What is the volume of a rectangular prism that has a height of 10 1/2 in., a length of 6 2/3 in., and a width of 2 1/4 in.? Is it large enough to hold an item that has a height of 8 in., a length of 6 in., and a width of 2 in.?
A. 15 in.3 and no, the item will not fit inside the prism.
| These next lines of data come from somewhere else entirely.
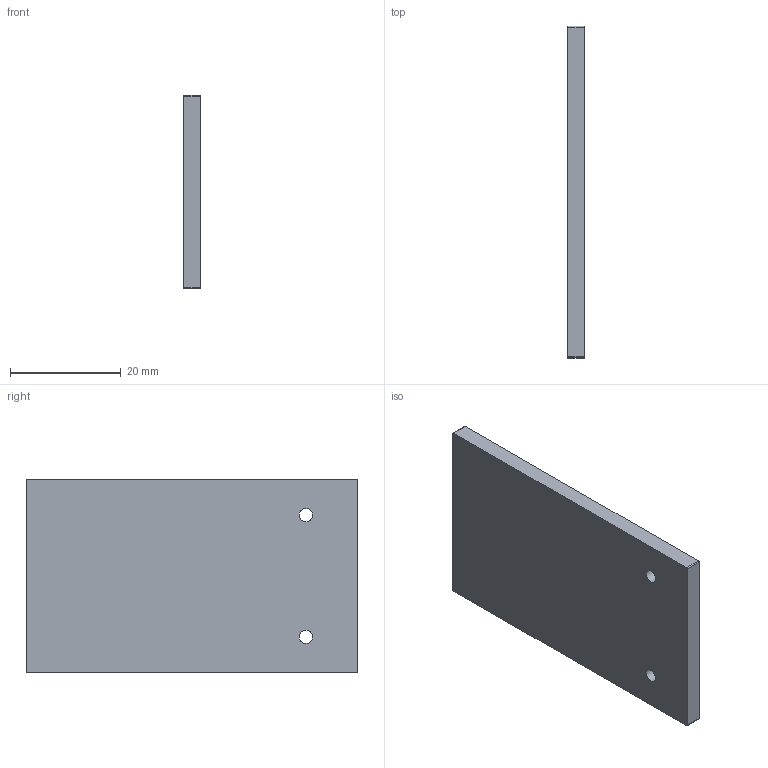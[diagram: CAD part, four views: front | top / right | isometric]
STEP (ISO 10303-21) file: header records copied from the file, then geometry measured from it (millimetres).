
FILE_DESCRIPTION (( 'STEP AP214' ), '1' );
FILE_NAME ('3535 Endcap Square.STEP', '2026-04-20T12:29:42', ( '' ), ( '' ), 'SwSTEP 2.0', 'SolidWorks 2025', '' );
FILE_SCHEMA (( 'AUTOMOTIVE_DESIGN' ));
Length unit declared in the file: millimetre
Products named in the file (1): 3535 Endcap Square
Bounding box: 3 x 60 x 35 mm (x, y, z)
Volume: 6263.1 mm3; surface area: 4789.8 mm2
Topology: 1 solids, 1 shells, 14 faces, 34 edges, 22 vertices
Faces by surface type: cylinder 6, plane 6, cone 2
Full cylindrical faces by diameter (mm): 2.4 x2
Entity records: 427 total; most frequent: DIRECTION 74, CARTESIAN_POINT 67, ORIENTED_EDGE 60, EDGE_CURVE 30, AXIS2_PLACEMENT_3D 29, VERTEX_POINT 22, EDGE_LOOP 22, VECTOR 16

B. 157 1/2 in.3 and yes, the item should fit inside the prism.
C. 160 in.3 and yes, the item should fit inside the prism.
D. 3,780/24 in.3 and no, the item will not fit inside the prism
To find the volume of the rectangular prism, we use the formula: Volume = length x width x height
Plugging in the values given:
Volume = (6 2/3) x (2 1/4) x (10 1/2)
Volume = (20/3) x (9/4) x (21/2)
Volume = 30 x 9 x 21
Volume = 5670 in.3
Therefore, the volume of the rectangular prism is 5670 in.3.
Comparing this with the dimensions of the item:
Volume = 8 x 6 x 2
Volume = 96 in.3
Since 5670 in.3 is much larger than 96 in.3, the item should fit inside the prism. So the correct answer is option B: 157 1/2 in.3 and yes, the item should fit inside the prism.